Hudi table should have been restored to the savepointed commit 20220128160245447. Both data files and timeline files should have been deleted.
ls -ltr /tmp/hudi_trips_cow/.hoodie
total 152
drwxr-xr-x 2 nsb wheel 64 Jan 28 16:00 archived
-rw-r--r-- 1 nsb wheel 546 Jan 28 16:00 hoodie.properties
-rw-r--r-- 1 nsb wheel 0 Jan 28 16:00 20220128160040171.commit.requested
-rw-r--r-- 1 nsb wheel 2594 Jan 28 16:00 20220128160040171.inflight
-rw-r--r-- 1 nsb wheel 4374 Jan 28 16:00 20220128160040171.commit
-rw-r--r-- 1 nsb wheel 0 Jan 28 16:01 20220128160124637.commit.requested
-rw-r--r-- 1 nsb wheel 2594 Jan 28 16:01 20220128160124637.inflight
-rw-r--r-- 1 nsb wheel 4414 Jan 28 16:01 20220128160124637.commit
-rw-r--r-- 1 nsb wheel 0 Jan 28 16:02 20220128160226172.commit.requested
-rw-r--r-- 1 nsb wheel 2594 Jan 28 16:02 20220128160226172.inflight
-rw-r--r-- 1 nsb wheel 4427 Jan 28 16:02 20220128160226172.commit
-rw-r--r-- 1 nsb wheel 0 Jan 28 16:02 20220128160229636.commit.requested
-rw-r--r-- 1 nsb wheel 2594 Jan 28 16:02 20220128160229636.inflight
-rw-r--r-- 1 nsb wheel 4428 Jan 28 16:02 20220128160229636.commit
-rw-r--r-- 1 nsb wheel 0 Jan 28 16:02 20220128160245447.commit.requested
-rw-r--r-- 1 nsb wheel 2594 Jan 28 16:02 20220128160245447.inflight
-rw-r--r-- 1 nsb wheel 4428 Jan 28 16:02 20220128160245447.commit
-rw-r--r-- 1 nsb wheel 0 Jan 28 16:05 20220128160245447.savepoint.inflight
-rw-r--r-- 1 nsb wheel 1168 Jan 28 16:05 20220128160245447.savepoint
-rw-r--r-- 1 nsb wheel 0 Jan 28 16:07 20220128160732437.restore.inflight
-rw-r--r-- 1 nsb wheel 4152 Jan 28 16:07 20220128160732437.restore
Let's check the total record count in the table. Should match the records we had, just before we triggered the savepoint.
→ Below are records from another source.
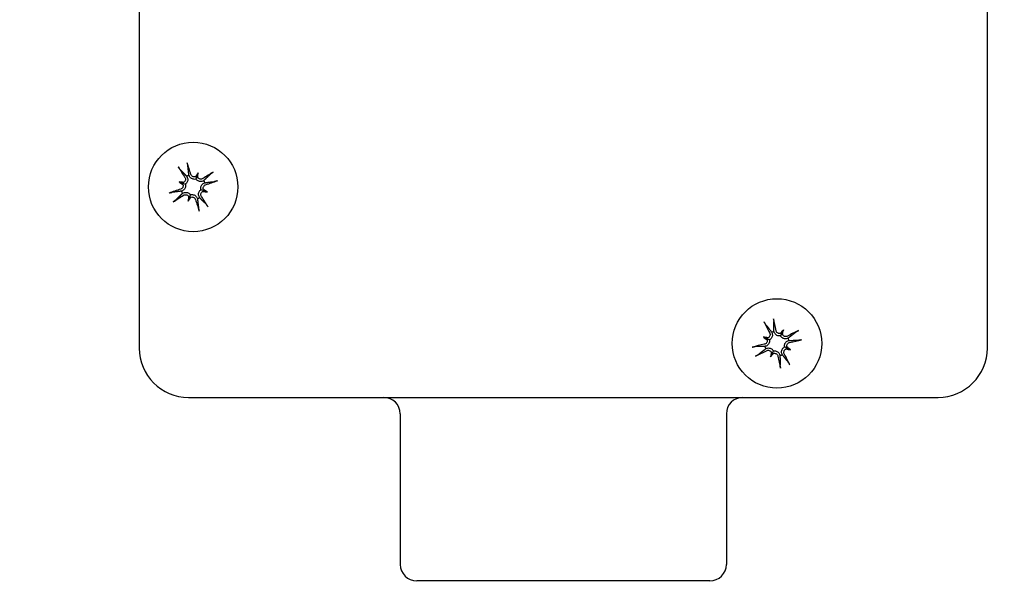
# Model space of a CAD drawing. Header units: inches. Extents: x 5 to 1128, y -85 to 748.
# Tile 360 of 656: x 475.59 to 479.34, y 694.3 to 696.44. Entities that reach past the tile are written whole.
import ezdxf

# ---------------------------------------------------------------- set-up
doc = ezdxf.new("R2010")
doc.units = ezdxf.units.IN
doc.header["$LTSCALE"] = 32
doc.header["$MEASUREMENT"] = 0
doc.layers.add('Dimension (ANSI)', color=7, linetype='Continuous', lineweight=25)
doc.layers.add('Visible (ANSI)', color=7, linetype='Continuous', lineweight=30)
doc.styles.add('Note Text (ANSI)', font='tahoma.ttf')
doc.dimstyles.new('SB Fraction-16 (ANSI)', dxfattribs={"dimscale": 32, "dimtxt": 0.125, "dimasz": 0.098425, "dimexe": 0.125, "dimexo": 0.0625, "dimgap": 0.031496, "dimtad": 0, "dimtih": 1, "dimtoh": 1, "dimdec": 4, "dimrnd": 1e-08, "dimzin": 0, "dimdsep": 46, "dimlunit": 5, "dimtxsty": 'Note Text (ANSI)', "dimcen": 0.09, "dimdle": 0.393701, "dimclrd": 256, "dimclre": 256, "dimclrt": 256, "dimadec": 0, "dimazin": 3, "dimtfac": 0.96, "dimtofl": 0, "dimtmove": 0, "dimatfit": 3, "dimfxl": 1, "dimfrac": 2, "dimtolj": 1, "dimtzin": 12, "dimlwd": -1, "dimlwe": -1, "dimarcsym": 0})

# ---------------------------------------------------------------- blocks, each defined once
blk = doc.blocks.new('*D19')
at = {"layer": 'Defpoints', "color": 0, "transparency": 16777216}
for p in [(484.7806, 699.9398), (324.6849, 555.9398), (484.7806, 555.9398)]:
    blk.add_point(p, dxfattribs=at)
at = {"layer": 'Dimension (ANSI)', "transparency": 16777216}
for p, q in [((482.7806, 699.9398), (320.6849, 699.9398)), ((324.6849, 696.7902), (324.6849, 635.4544)), ((324.6849, 559.0894), (324.6849, 629.4252)), ((482.7806, 555.9398), (320.6849, 555.9398))]:
    blk.add_line(p, q, dxfattribs=at)
for points in [[(324.16, 696.7902), (325.2098, 696.7902), (324.6849, 699.9398)], [(324.16, 559.0894), (325.2098, 559.0894), (324.6849, 555.9398)]]:
    blk.add_solid(points, dxfattribs=at)
at = {"layer": 'Dimension (ANSI)', "transparency": 16777216, "insert": (320.5519, 634.4465), "char_height": 4, "attachment_point": 1, "style": 'Note Text (ANSI)'}
blk.add_mtext('\\A1;144', dxfattribs=at)

msp = doc.modelspace()

# ---------------------------------------------------------------- linework, layer by layer
at = {"layer": 'Visible (ANSI)'}
for p, q in [((476.04627, 698.04404), (476.04627, 695.19404)), ((479.27127, 695.19404), (479.27127, 698.04404)), ((476.26658, 695.84904), (476.2621, 695.83643)), ((476.27062, 695.86044), (476.26658, 695.84904)), ((476.19758, 695.82568), (476.20898, 695.82163)), ((476.20898, 695.82163), (476.22159, 695.81716)), ((476.29398, 695.79145), (476.28137, 695.79593)), ((476.23234, 695.75264), (476.23639, 695.76404)), ((476.23639, 695.76404), (476.24087, 695.77665)), ((476.30538, 695.7874), (476.29398, 695.79145)), ((478.41962, 695.23632), (478.43054, 695.23113)), ((478.49065, 695.25248), (478.4849, 695.24039)), ((478.49585, 695.2634), (478.49065, 695.25248)), ((478.43054, 695.23113), (478.44263, 695.22538)), ((478.512, 695.19237), (478.49991, 695.19812)), ((478.4467, 695.1601), (478.45189, 695.17102)), ((478.45189, 695.17102), (478.45765, 695.18311)), ((478.52292, 695.18718), (478.512, 695.19237)), ((476.23377, 695.00654), (479.08377, 695.00654)), ((477.03877, 694.94404), (477.03877, 694.37154)), ((478.27877, 694.94404), (478.27877, 694.37154)), ((478.21627, 694.30904), (477.10127, 694.30904))]:
    msp.add_line(p, q, dxfattribs=at)
for centre, radius in [((477.65877, 696.61904), 4.125), ((477.65877, 696.61904), 4.09375), ((476.25148, 695.80654), 0.17), ((478.47127, 695.21175), 0.17)]:
    msp.add_circle(centre, radius, dxfattribs=at)
for centre, radius, start, end in [((476.25148, 695.80654), 0.04718, 109.78883, 121.10698), ((476.25148, 695.80654), 0.04718, 19.78883, 31.10698), ((476.25148, 695.80654), 0.04718, 199.78883, 211.10698), ((476.25148, 695.80654), 0.04718, 289.78883, 301.10698), ((478.47127, 695.21175), 0.04718, 103.89552, 115.21367), ((478.47127, 695.21175), 0.04718, 193.89552, 205.21367), ((478.47127, 695.21175), 0.04718, 13.89552, 25.21367), ((476.23377, 695.19404), 0.1875, 180, 270), ((478.47127, 695.21175), 0.04718, 283.89552, 295.21367), ((479.08377, 695.19404), 0.1875, 270, 0), ((476.97627, 694.94404), 0.0625, 0, 90), ((478.34127, 694.94404), 0.0625, 90, 180), ((477.10127, 694.37154), 0.0625, 180, 270), ((478.21627, 694.37154), 0.0625, 270, 0)]:
    msp.add_arc(centre, radius, start, end, dxfattribs=at)
for centre, major_axis, ratio, start_param, end_param in [((476.26223, 695.81379), (0.12333, -0.18293), 0.0871557, 4.2685898, 4.4938021), ((476.23908, 695.80277), (-0.06417, 0.21108), 0.0871557, 4.9309758, 5.1561882), ((476.33036, 695.76823), (0.08581, 0.1767), 0.5, 1.2772189, 1.3695882), ((476.25761, 695.85711), (-0.01086, 0.00527), 0.9884519, 2.2984564, 2.8577617), ((476.27862, 695.84965), (-0.01175, 0.00276), 0.9884519, 0.283831, 0.8431362), ((476.16611, 695.82657), (-0.04486, -0.19125), 0.5, 1.7720045, 1.8643738), ((476.25873, 695.79579), (-0.18293, -0.12333), 0.0871557, 4.2685898, 4.4938021), ((476.25525, 695.79414), (-0.21108, -0.06417), 0.0871557, 4.9309758, 5.1561882), ((476.23145, 695.72117), (0.19125, -0.04486), 0.5, 1.7720045, 1.8643738), ((476.28979, 695.88542), (-0.1767, 0.08581), 0.5, 1.2772189, 1.3695882), ((476.20837, 695.83368), (-0.00276, -0.01175), 0.9884519, 0.283831, 0.8431362), ((476.20091, 695.81267), (-0.00527, -0.01086), 0.9884519, 2.2984564, 2.8577617), ((476.30205, 695.80041), (0.00527, 0.01086), 0.9884519, 2.2984564, 2.8577617), ((476.21317, 695.72766), (0.1767, -0.08581), 0.5, 1.2772189, 1.3695882), ((476.24771, 695.81894), (0.21108, 0.06417), 0.0871557, 4.9309758, 5.1561882), ((476.24423, 695.81729), (0.18293, 0.12333), 0.0871557, 4.2685898, 4.4938021), ((476.33685, 695.78651), (0.04486, 0.19125), 0.5, 1.7720045, 1.8643738), ((476.1726, 695.84485), (-0.08581, -0.1767), 0.5, 1.2772189, 1.3695882), ((476.22434, 695.76343), (0.01175, -0.00276), 0.9884519, 0.283831, 0.8431362), ((476.24535, 695.75597), (0.01086, -0.00527), 0.9884519, 2.2984564, 2.8577617), ((476.26389, 695.81031), (0.06417, -0.21108), 0.0871557, 4.9309758, 5.1561882), ((476.24073, 695.79929), (-0.12333, 0.18293), 0.0871557, 4.2685898, 4.4938021), ((476.29459, 695.7794), (0.00276, 0.01175), 0.9884519, 0.283831, 0.8431362), ((476.27151, 695.89191), (-0.19125, 0.04486), 0.5, 1.7720045, 1.8643738), ((478.48271, 695.21785), (0.10389, -0.19462), 0.0871557, 4.2685898, 4.4938021), ((478.45855, 695.20927), (-0.04215, 0.21655), 0.0871557, 4.9309758, 5.1561882), ((478.44259, 695.12888), (0.18563, -0.06426), 0.5, 1.7720045, 1.8643738), ((478.51748, 695.28628), (-0.16696, 0.1035), 0.5, 1.2772189, 1.3695882), ((478.5458, 695.16555), (0.1035, 0.16696), 0.5, 1.2772189, 1.3695882), ((478.48256, 695.26142), (-0.01026, 0.00636), 0.9884519, 2.2984564, 2.8577617), ((478.50269, 695.25184), (-0.0114, 0.00395), 0.9884519, 0.283831, 0.8431362), ((478.38841, 695.24044), (-0.06426, -0.18563), 0.5, 1.7720045, 1.8643738), ((478.47738, 695.20031), (-0.19462, -0.10389), 0.0871557, 4.2685898, 4.4938021), ((478.47375, 695.19902), (-0.21655, -0.04215), 0.0871557, 4.9309758, 5.1561882), ((478.43118, 695.24317), (-0.00395, -0.0114), 0.9884519, 0.283831, 0.8431362), ((478.4216, 695.22304), (-0.00636, -0.01026), 0.9884519, 2.2984564, 2.8577617), ((478.52094, 695.20046), (0.00636, 0.01026), 0.9884519, 2.2984564, 2.8577617), ((478.42507, 695.13722), (0.16696, -0.1035), 0.5, 1.2772189, 1.3695882), ((478.4688, 695.22448), (0.21655, 0.04215), 0.0871557, 4.9309758, 5.1561882), ((478.46517, 695.22319), (0.19462, 0.10389), 0.0871557, 4.2685898, 4.4938021), ((478.55414, 695.18306), (0.06426, 0.18563), 0.5, 1.7720045, 1.8643738), ((478.39674, 695.25795), (-0.1035, -0.16696), 0.5, 1.2772189, 1.3695882), ((478.43985, 695.17166), (0.0114, -0.00395), 0.9884519, 0.283831, 0.8431362), ((478.45998, 695.16208), (0.01026, -0.00636), 0.9884519, 2.2984564, 2.8577617), ((478.484, 695.21423), (0.04215, -0.21655), 0.0871557, 4.9309758, 5.1561882), ((478.45983, 695.20564), (-0.10389, 0.19462), 0.0871557, 4.2685898, 4.4938021), ((478.51137, 695.18033), (0.00395, 0.0114), 0.9884519, 0.283831, 0.8431362), ((478.49996, 695.29462), (-0.18563, 0.06426), 0.5, 1.7720045, 1.8643738)]:
    msp.add_ellipse(centre, major_axis=major_axis, ratio=ratio, start_param=start_param, end_param=end_param, dxfattribs=at)
for points, knots in [([(476.20122, 695.87381), (476.20094, 695.8741), (476.20057, 695.87452), (476.19975, 695.87553), (476.19914, 695.87634), (476.19804, 695.87785), (476.19736, 695.87882), (476.19623, 695.8805), (476.19558, 695.8815), (476.19502, 695.8824), (476.19495, 695.88251), (476.19488, 695.88262)], [0.070980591, 0.070980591, 0.070980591, 0.070980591, 0.077295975, 0.077295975, 0.085001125, 0.085001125, 0.092713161, 0.092713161, 0.100429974, 0.100429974, 0.101478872, 0.101478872, 0.101478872, 0.101478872]), ([(476.22814, 695.89845), (476.22818, 695.89833), (476.22823, 695.89821), (476.22857, 695.8972), (476.22894, 695.89607), (476.22953, 695.89413), (476.22985, 695.89299), (476.23033, 695.89118), (476.23057, 695.8902), (476.23084, 695.88892), (476.23093, 695.88837), (476.23098, 695.88797)], [0.022192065, 0.022192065, 0.022192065, 0.022192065, 0.023240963, 0.023240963, 0.030957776, 0.030957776, 0.038669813, 0.038669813, 0.046374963, 0.046374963, 0.052690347, 0.052690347, 0.052690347, 0.052690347]), ([(476.21992, 695.84296), (476.22083, 695.84156), (476.22153, 695.83988), (476.22219, 695.83637), (476.22216, 695.83453), (476.22148, 695.83125), (476.2208, 695.82958), (476.21885, 695.82665), (476.21757, 695.82538), (476.21589, 695.82423), (476.21556, 695.82402), (476.21521, 695.82383)], [0, 0, 0, 0, 0.013005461, 0.013005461, 0.026010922, 0.026010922, 0.038651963, 0.038651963, 0.051293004, 0.051293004, 0.054256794, 0.054256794, 0.054256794, 0.054256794]), ([(476.2271, 695.84694), (476.22737, 695.84655), (476.22763, 695.84616), (476.22888, 695.84408), (476.22974, 695.8421), (476.23082, 695.83793), (476.23104, 695.83575), (476.23087, 695.83194), (476.23056, 695.83001), (476.22935, 695.82626), (476.22844, 695.82443), (476.22632, 695.8213), (476.22496, 695.81978), (476.22285, 695.81803), (476.22222, 695.81757), (476.22159, 695.81716)], [0.221046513, 0.221046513, 0.221046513, 0.221046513, 0.225045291, 0.225045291, 0.24203012, 0.24203012, 0.259014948, 0.259014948, 0.273434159, 0.273434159, 0.28785337, 0.28785337, 0.302272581, 0.302272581, 0.307951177, 0.307951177, 0.307951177, 0.307951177]), ([(476.2621, 695.83643), (476.26137, 695.8362), (476.26063, 695.83601), (476.25793, 695.83547), (476.2559, 695.83537), (476.25213, 695.8357), (476.25014, 695.83615), (476.24647, 695.83758), (476.24477, 695.83855), (476.24171, 695.84083), (476.24015, 695.84238), (476.2376, 695.84584), (476.23661, 695.84776), (476.23594, 695.84961), (476.23578, 695.85004), (476.23564, 695.85049), (476.23551, 695.85094)], [-0.082905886, -0.082905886, -0.082905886, -0.082905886, -0.07722729, -0.07722729, -0.062808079, -0.062808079, -0.048388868, -0.048388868, -0.033969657, -0.033969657, -0.016984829, -0.016984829, 0, 0, 0, 0.003998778, 0.003998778, 0.003998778, 0.003998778]), ([(476.26094, 695.84559), (476.25961, 695.84507), (476.25813, 695.84474), (476.25487, 695.84458), (476.25309, 695.84486), (476.24995, 695.84596), (476.24838, 695.84686), (476.24573, 695.84919), (476.24465, 695.85063), (476.2436, 695.8527), (476.24334, 695.85334), (476.24312, 695.854)], [0.028039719, 0.028039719, 0.028039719, 0.028039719, 0.038804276, 0.038804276, 0.051438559, 0.051438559, 0.064219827, 0.064219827, 0.077001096, 0.077001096, 0.082246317, 0.082246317, 0.082246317, 0.082246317]), ([(476.29188, 695.83092), (476.29149, 695.83065), (476.2911, 695.8304), (476.28902, 695.82914), (476.28704, 695.82828), (476.28287, 695.8272), (476.28069, 695.82698), (476.27688, 695.82715), (476.27495, 695.82747), (476.2712, 695.82868), (476.26937, 695.82958), (476.26624, 695.8317), (476.26472, 695.83306), (476.26297, 695.83518), (476.26251, 695.8358), (476.2621, 695.83643)], [0.221046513, 0.221046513, 0.221046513, 0.221046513, 0.225045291, 0.225045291, 0.24203012, 0.24203012, 0.259014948, 0.259014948, 0.273434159, 0.273434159, 0.28785337, 0.28785337, 0.302272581, 0.302272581, 0.307951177, 0.307951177, 0.307951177, 0.307951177]), ([(476.2879, 695.8381), (476.2865, 695.83719), (476.28482, 695.8365), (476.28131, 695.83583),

val tripsSnapshotDF = spark.
read.
format("hudi").
load(basePath)
tripsSnapshotDF.createOrReplaceTempView("hudi_trips_snapshot")
spark.sql("select count(partitionpath, uuid) from hudi_trips_snapshot").show()
+--------------------------+
|count(partitionpath, uuid)|
+--------------------------+
| 50|
+--------------------------+
As you could see, entire table state is restored back to the commit which was savepointed. Users can choose to trigger savepoint at regular cadence and keep deleting older savepoints when new ones are created. Please do remember that cleaner may not clean the files that are savepointed. And so users should ensure they delete the savepoints from time to time. If not, the storage reclamation may not happen.
Note: Savepoint and restore for MOR table is available only from 0.11.